Jorge Luis Borges nunca se encantou pelo futebol. Nesta crônica, o jornalista Iuri Müller fala sobre aquilo que perdemos graças à aversão de Borges ao esporte bretão, simulando uma conversa ou uma carta enviada ao mestre da ficção argentina e mundialSei dos teus motivos, mas ainda assim não posso aceitar a tua recusa. Eu estive em Liniers e vi a iluminação noturna, uma larga cadeia de lâmpadas amarelas a se misturar com a procissão de homens e mulheres que caminhavam, de azul e branco, em direção ao José Amalfitani. Horas depois, voltariam para casa a pé (para Villa Luro, para Floresta), uma história ou uma lembrança movendo cada passo, as lâmpadas amarelas enfrentando, por sua vez, a noite já escura. Pareceu- -me, novamente, que haveria algo a se dizer sobre estas imagens, e que tu poderias dizer com mais clareza do que qualquer um de nós.

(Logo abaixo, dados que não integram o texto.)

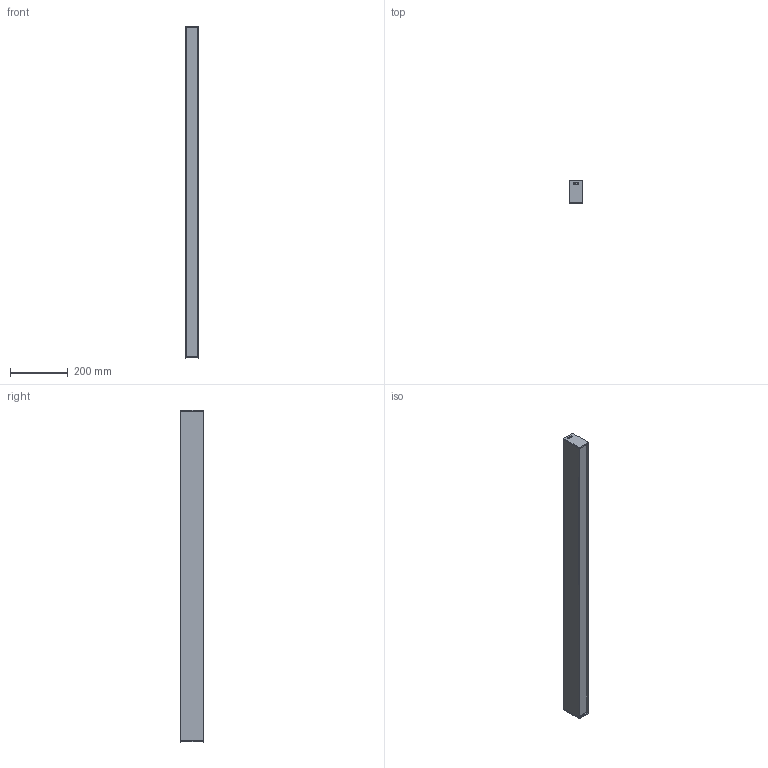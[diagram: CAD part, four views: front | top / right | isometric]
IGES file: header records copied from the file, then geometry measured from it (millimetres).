
Start section: SolidWorks IGES file using analytic representation for surfaces
Global section: file name: C:\Users\JoãoSantos\Desktop\02_3D.2D\01_2020\02_Linear\05_U45\03_Ceiling\U45_SURFACE_1149.IGS; native system: SolidWorks 2020; preprocessor: SolidWorks 2020; author: JoãoSantos; date: 201021.120937; units: millimetre
Bounding box: 45 x 77.5 x 1149 mm (x, y, z)
Surface area: 558053.3 mm2 (no closed solid volume)
Topology: 0 solids, 0 shells, 200 faces, 1136 edges, 1120 vertices
Faces by surface type: bspline 150, revolution 50
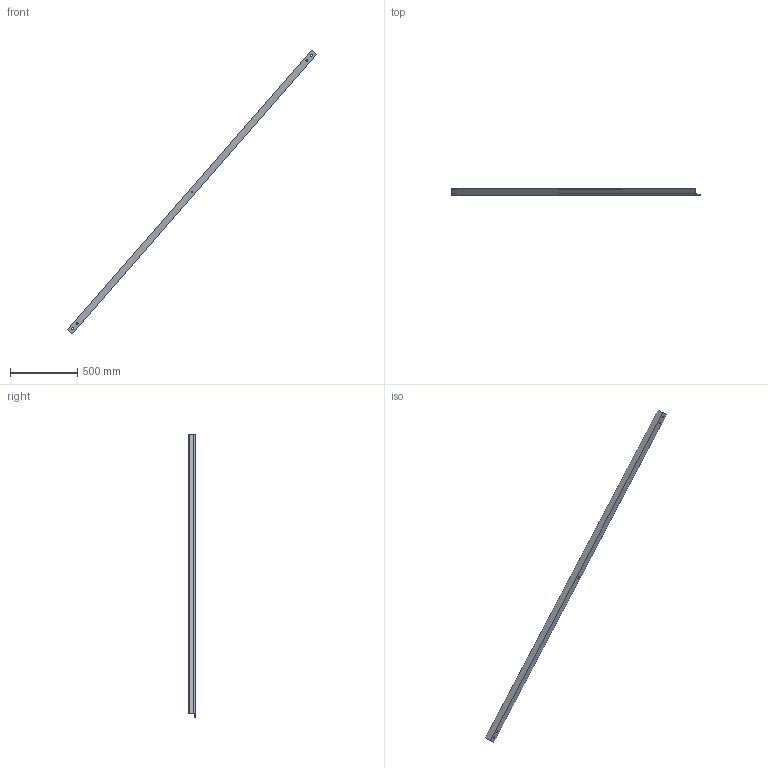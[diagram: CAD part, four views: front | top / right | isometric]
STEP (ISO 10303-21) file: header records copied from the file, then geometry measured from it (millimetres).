
FILE_DESCRIPTION (( 'STEP AP214' ), '1' );
FILE_NAME ('CCJ029-REP.050 - CONTREVENTEMENT A4-A5.STEP', '2024-01-10T14:41:23', ( '' ), ( '' ), 'SwSTEP 2.0', 'SolidWorks 2021', '' );
FILE_SCHEMA (( 'AUTOMOTIVE_DESIGN' ));
Length unit declared in the file: millimetre
Products named in the file (1): CCJ029-REP.050 - CONTREVENTEMENT A4-A5
Bounding box: 1846.63 x 50 x 2104.16 mm (x, y, z)
Volume: 1316860.3 mm3; surface area: 533996.4 mm2
Topology: 1 solids, 1 shells, 21 faces, 57 edges, 38 vertices
Faces by surface type: cylinder 13, plane 8
Entity records: 731 total; most frequent: DIRECTION 127, CARTESIAN_POINT 117, ORIENTED_EDGE 114, EDGE_CURVE 57, AXIS2_PLACEMENT_3D 48, VERTEX_POINT 38, EDGE_LOOP 31, VECTOR 31
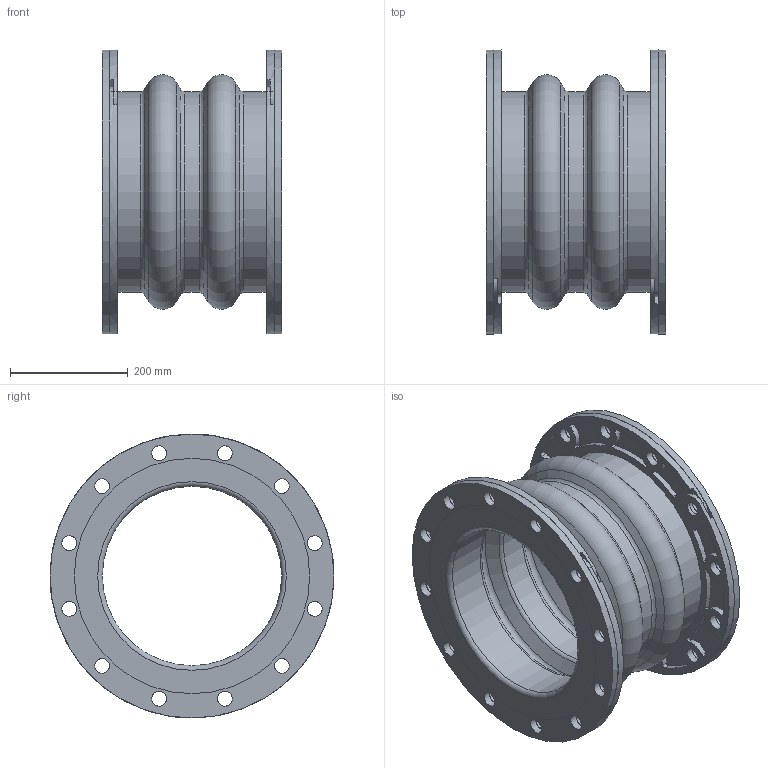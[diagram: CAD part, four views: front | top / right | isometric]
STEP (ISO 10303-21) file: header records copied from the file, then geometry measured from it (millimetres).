
FILE_DESCRIPTION(/* description */ (''),/* implementation_level */ '2;1');
FILE_NAME(/* name */ 'C:\001_Work\Designs\Mercer2014\MQInventor2014\RajR\700 Style\702\STP\702 12IDx12FF.stp',/* time_stamp */ '2016-04-10T12:38:44-04:00',/* author */ ('rramoutar'),/* organization */ ('Mason Industries Inc.'),/* preprocessor_version */ 'ST-DEVELOPER v15.6',/* originating_system */ 'Autodesk Inventor 2015',/* authorisation */ '');
FILE_SCHEMA (('CONFIG_CONTROL_DESIGN'));
Length unit declared in the file: inch
Products named in the file (1): 702 12IDx12FF
Bounding box: 304.8 x 482.62 x 482.62 mm (x, y, z)
Volume: 10593023.6 mm3; surface area: 1662449.2 mm2
Topology: 5 solids, 5 shells, 440 faces, 1186 edges, 784 vertices
Faces by surface type: cylinder 308, plane 110, torus 14, cone 8
Full cylindrical faces by diameter (mm): 25.4 x52, 304.8 x3, 341.312 x3, 482.6 x2
Entity records: 14392 total; most frequent: DIRECTION 2634, CARTESIAN_POINT 2321, ORIENTED_EDGE 2200, EDGE_CURVE 1100, AXIS2_PLACEMENT_3D 1093, VERTEX_POINT 780, EDGE_LOOP 656, CIRCLE 652

E a cidade antiga, a que tu cantavas em Cuaderno San Martín, a tão buscada Buenos Aires de ontem e que evapora um pouco mais a cada dia, essa cidade por acaso não estava todo o tempo ao teu lado, nas arquibancadas amarelas de Villa Crespo, onde centenas de judeus, todos os domingos, se aglomeravam para ver com os próprios olhos o time do bairro? Se Baruch Espinosa, teu filósofo preferido, tivesse por acaso nascido pelas redondezas, ele seria torcedor do Atlanta, nós dois sabemos, e depois de cada jogo iria ao bar do velho Linch, aquele que sabe recitar todas as escalações do clube desde algum momento impreciso dos anos 1930.
Os temas, os teus temas, que ironia, sempre estiveram dentro de um estádio, era só ter comprado um ingresso (vinte pesos e vamos os dois na popular, se queres companhia) e deixar que os acontecimentos se aproximem, pois sempre que estamos num lugar assim algo irá nos acontecer. Não enxergas a coragem de arrabalde daquele lateral direito do Platense, o moreno que completou o jogo inteiro com um corte imenso na maçã do rosto? E a vingança matemática, arquitetada ao longo de sete meses por Domínguez, o zagueiro do Almagro que esperou o campo pelo outono para marcar para sempre, com uma cotovelada, o nariz de Acevedo, o ponteiro corredor que jogava no Temperley? Isso se deu numa tarde nublada, bem perto do rio, e creio também que o cenário teria te agradado: um bairro de ruas estreitas, casas com luz de pátio, um compadrito que fuma numa esquina pouco antes de adentrar o armazém.
Aqui estão todas as tuas obsessões: cada técnico à beira do gramado é um jogador de xadrez na biblioteca, a arquibancada visitante é o nosso labirinto, e não há melhor modo de sentir a passagem do tempo como perceber que, após dois rebaixamentos e longas temporadas no Ascenso, o Ferro Carril Oeste está de volta à Primeira e batalha para ser campeão. Que lástima que este jogo não te encanta, Borges. Ainda posso te imaginar (é um velho delírio meu) numa das tribunas do Palacio Ducó, no sul da cidade de Buenos Aires, a observar em silêncio o Huracán em campo, o clube dos teus sonhos e amores. Também sei que, de pouco em pouco, tu desviar o olhar do gramado para contemplar os rostos na arquibancada, os desenhos no céu, a cidade que se transforma lá fora, e isso tudo com os teus olhos perplexos e frágeis.